1. Field of the Invention
The present invention relates to the field of integrated image sensor circuits.
2. Description of the Related Art
An integrated image sensor is used to convert light impinging on the sensor into electrical signals. An image sensor typically includes one or more (e.g., an array of) light-sensing photoelements such as photodiodes, phototransistors, or photodetectors, where electrical signals are generated via the well-known photoelectric effect. These signals may then be used, for example, to provide information about light intensity, color, or the optical image focused on the sensor. One common type of image sensor is a CMOS image sensor.
FIG. 1 shows a block diagram for a CMOS image sensor 100 implemented in a single integrated circuit or chip. Sensor 100 comprises a photoelement array 102, a decoding/buffer area 104, and control, processing, and input/output (I/O) circuitry 106. Photoelement array 102 comprises an array of photoelements and associated circuitry such as switches and amplifiers. Each photoelement and its associated circuitry are collectively referred to as a pixel.
Sensor 100 can be switched into one of three operating modes: normal operation, standby, and power down. A typical operating cycle for sensor 100 in the normal operation mode has three steps: acquisition or integration, read-out, and reset During the integration step, incident photons generate electrical charge that is accumulated within each photoelement in photoelement array 102 where the voltage across the photoelement is changed due to this charge accumulation. During the read-out step, the voltage is read out passively, i.e., without destroying the accumulated charge. During the reset step, the accumulated charge is drained from the photoelement thereby preparing it to receive photons during the next operating cycle. During the standby mode, if light is impinging on photoelement array 102, the photoelements are converting light to current but the charge is not accumulated. During the standby mode, the associated circuitry within photoelement array 102 and the circuitry within blocks 104 and 106 used to operate the photoelements are typically powered up with only certain biases and control signals turned off so that the sensor can be quickly switched to the normal operation mode. During the power down mode, power is completely removed from the sensor.

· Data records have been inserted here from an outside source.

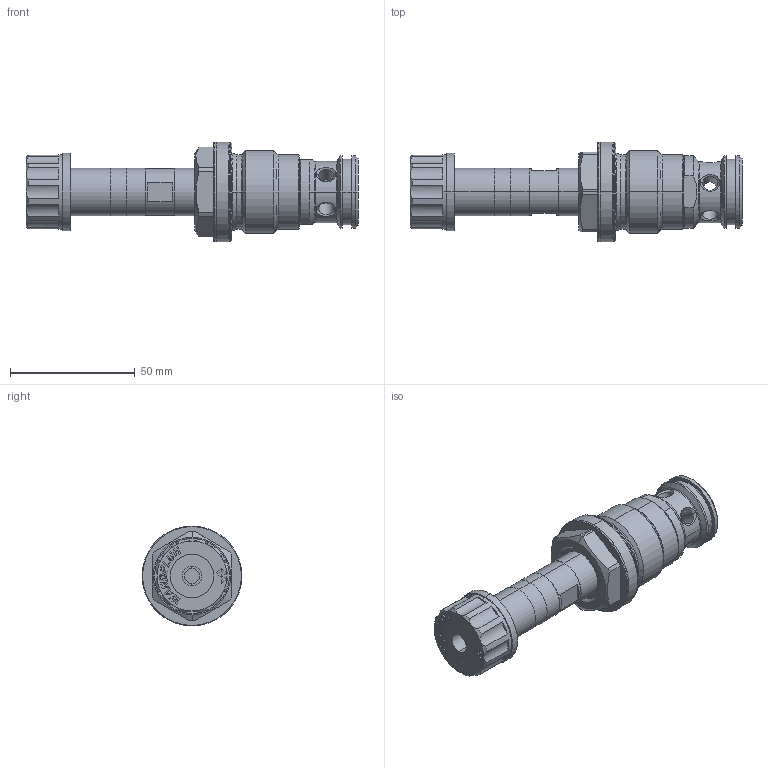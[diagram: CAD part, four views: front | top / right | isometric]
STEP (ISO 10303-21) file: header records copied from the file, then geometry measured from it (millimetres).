
FILE_DESCRIPTION (( 'STEP AP214' ), '1' );
FILE_NAME ('QSPPM33_HB.STEP', '2014-01-29T12:09:30', ( '' ), ( '' ), 'SwSTEP 2.0', 'SolidWorks 2012', '' );
FILE_SCHEMA (( 'AUTOMOTIVE_DESIGN' ));
Length unit declared in the file: millimetre
Products named in the file (1): QSPPM33_HB
Bounding box: 133.05 x 40 x 40 mm (x, y, z)
Volume: 70283.1 mm3; surface area: 29439.8 mm2
Topology: 7 solids, 7 shells, 756 faces, 1868 edges, 1162 vertices
Faces by surface type: plane 480, cylinder 122, cone 87, torus 51, bspline 16
Entity records: 31912 total; most frequent: CARTESIAN_POINT 5438, DIRECTION 3777, ORIENTED_EDGE 3736, EDGE_CURVE 1868, AXIS2_PLACEMENT_3D 1265, LINE 1247, VECTOR 1247, VERTEX_POINT 1162
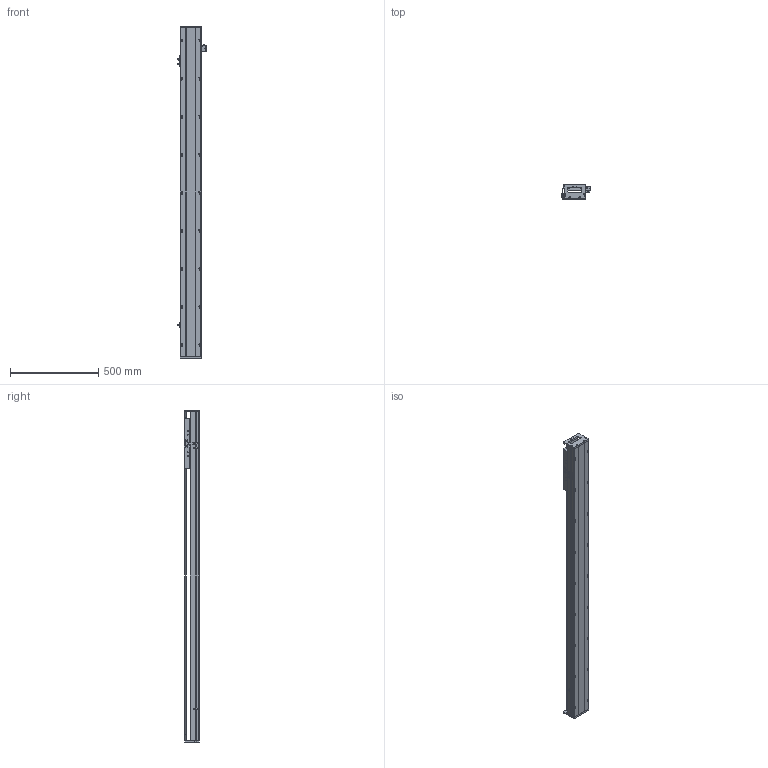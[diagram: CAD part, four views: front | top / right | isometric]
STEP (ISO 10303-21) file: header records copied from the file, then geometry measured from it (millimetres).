
FILE_DESCRIPTION (( 'STEP AP203' ), '1' );
FILE_NAME ('SKR12S-C2-S1504（简）.STEP', '2022-09-26T05:22:49', ( '' ), ( '' ), 'SwSTEP 2.0', 'SolidWorks 2018', '' );
FILE_SCHEMA (( 'CONFIG_CONTROL_DESIGN' ));
Length unit declared in the file: millimetre
Products named in the file (8): 覜茼え; EE-SX672; SKR12菁釱-C2-S1504(潠); 棠掑假蚾輸; SIKO棠掑; SKR12S-C2-S1504（简）; SKR12滑台-280L（简）; SKR12耜啣
Assembly tree (10 placements, depth 2):
  SKR12S-C2-S1504（简）
    SKR12菁釱-C2-S1504(潠)
    SKR12滑台-280L（简）
    SKR12耜啣  x2
    棠掑假蚾輸
    SIKO棠掑
    EE-SX672  x3
    覜茼え
Bounding box: 162.7 x 87.3 x 1884 mm (x, y, z)
Volume: 8459173.5 mm3; surface area: 1332641.5 mm2
Topology: 11 solids, 11 shells, 1062 faces, 2837 edges, 1791 vertices
Faces by surface type: cylinder 504, plane 412, cone 146
Entity records: 29559 total; most frequent: CARTESIAN_POINT 6223, DIRECTION 4817, ORIENTED_EDGE 4614, EDGE_CURVE 2307, AXIS2_PLACEMENT_3D 1793, VERTEX_POINT 1495, VECTOR 1231, LINE 1231
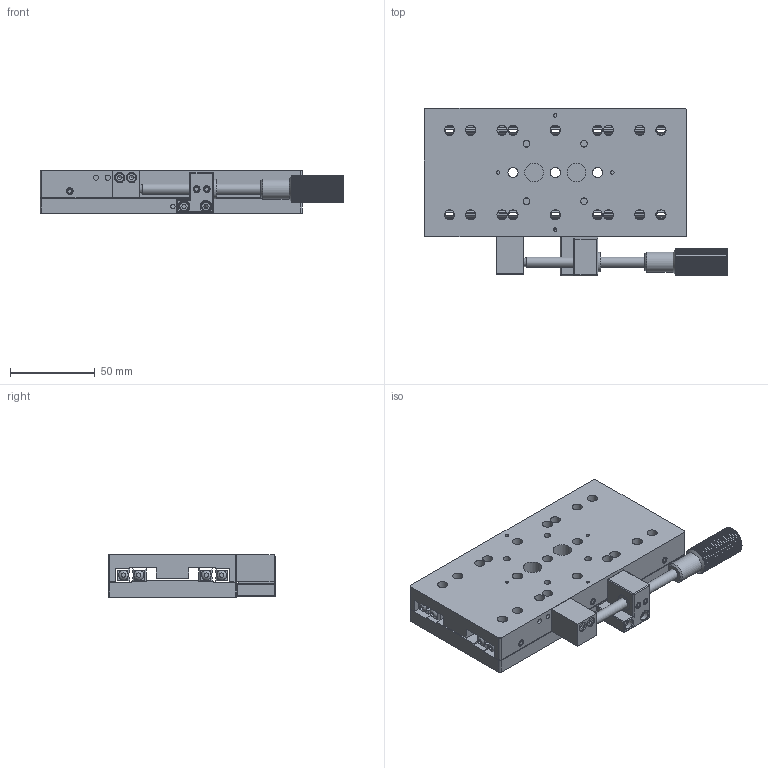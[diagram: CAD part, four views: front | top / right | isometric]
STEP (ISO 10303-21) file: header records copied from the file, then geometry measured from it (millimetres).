
FILE_DESCRIPTION (( 'STEP AP203' ), '1' );
FILE_NAME ('TSS155X-2A.step', '2017-01-10T09:21:07', ( '¦K¬P' ), ( '' ), 'SwSTEP 2.0', 'SolidWorks 2012', '' );
FILE_SCHEMA (( 'CONFIG_CONTROL_DESIGN' ));
Length unit declared in the file: millimetre
Products named in the file (1): TSS155X-2A
Bounding box: 179.5 x 99 x 25 mm (x, y, z)
Surface area: 86678.4 mm2 (no closed solid volume)
Topology: 0 solids, 36 shells, 538 faces, 1729 edges, 1157 vertices
Faces by surface type: plane 320, cylinder 180, cone 23, torus 9, sphere 6
Full cylindrical faces by diameter (mm): 1.7 x2, 2 x8, 2.5 x3, 3 x20, 3.3 x5, 4 x13, 5 x11, 6 x26, 6.6 x5, 8 x1, 10 x1, 11 x7, 11.5 x1, 12 x1
Entity records: 18909 total; most frequent: CARTESIAN_POINT 4503, DIRECTION 2811, ORIENTED_EDGE 2743, EDGE_CURVE 1540, VERTEX_POINT 1112, AXIS2_PLACEMENT_3D 1008, EDGE_LOOP 835, VECTOR 795

FIG. 2 shows a schematic circuit diagram of part of integrated CMOS image sensor 100 of FIG. 1. FIG. 2 shows a pixel 202 of photoelement array 102 of FIG. 1, a voltage source Vdd 204, a bias transistor 206, and a read-out circuit 208. Bias transistor 206 and read-out circuit 208 are typically implemented in blocks 104 and/or 106 of FIG. 1. Also shown are devices 210 that draw power from the same voltage source 204. Devices 210 may include but are not limited to on-chip circuitry, such as in blocks 104 and 106 of FIG. 1. Pixel 202 comprises a reset transistor 212, a photoelement 214, a source follower transistor 216, and a row select transistor 218.
During an integration step of the normal operation mode, reset transistor 212 and row select transistor 218 are turned off, and the voltage across photoelement 214 discharges in response to the incident light. After a predetermined integration time, transistor 218 is turned on to select the particular photoelement in the array and to initiate a read-out step of the normal operation mode. Read-out circuit 208 samples the gate voltage of transistor 216. During a reset step of the normal operation mode, reset transistor 212 is turned on, which drains the charge accumulated by photoelement 214 into Vdd 204. This charge is thus irreversibly lost. During the standby mode, transistors 212 and 218 are turned off, but power is still applied to circuitry within sensor 100 (e.g., read-out circuit 208) and possibly devices 210. During the power down mode, power supply Vdd 204 is disconnected from sensor 100.
Power consumption is important for portable and embedded imaging applications since the sensor is typically powered by a portable power source such as a battery. During the standby mode, the sensor consumes power due to off currents or other charge leakage through read-out circuit 208, devices 210, and/or other circuitry within sensor 100. This problem may become particularly serious for CMOS technology as it scales down to deep submicron levels due to increasingly higher doping densities, thinner oxide layers, and shorter channel lengths. Often, standby power consumption will limit battery life and restrict use of image sensors.
Embodiments of the present invention are directed to a technique for reducing power consumption in integrated image sensors by which at least some of the charge generated by the sensor (e.g., during the sensor""s normal operating mode) is used to power circuitry (e.g., during the sensor""s standby mode), instead of drawing the entire current from a power source such as the external battery used to power the image sensor.
According to one embodiment, the present invention is a method for operating an integrated circuit having an image sensor with at least one photoelement comprising the steps of (a) generating charge by the photoelement and (b) applying at least a first portion of the charge generated by the photoelement to other circuitry to reduce consumption of power from a power supply.
According to another embodiment, the present invention is a circuit comprising (a) an image sensor having at least one photoelement implemented in an integrated circuit and (b) other circuitry, wherein the photoelement generates charge that is applied to the other circuitry to reduce consumption of power from a power supply.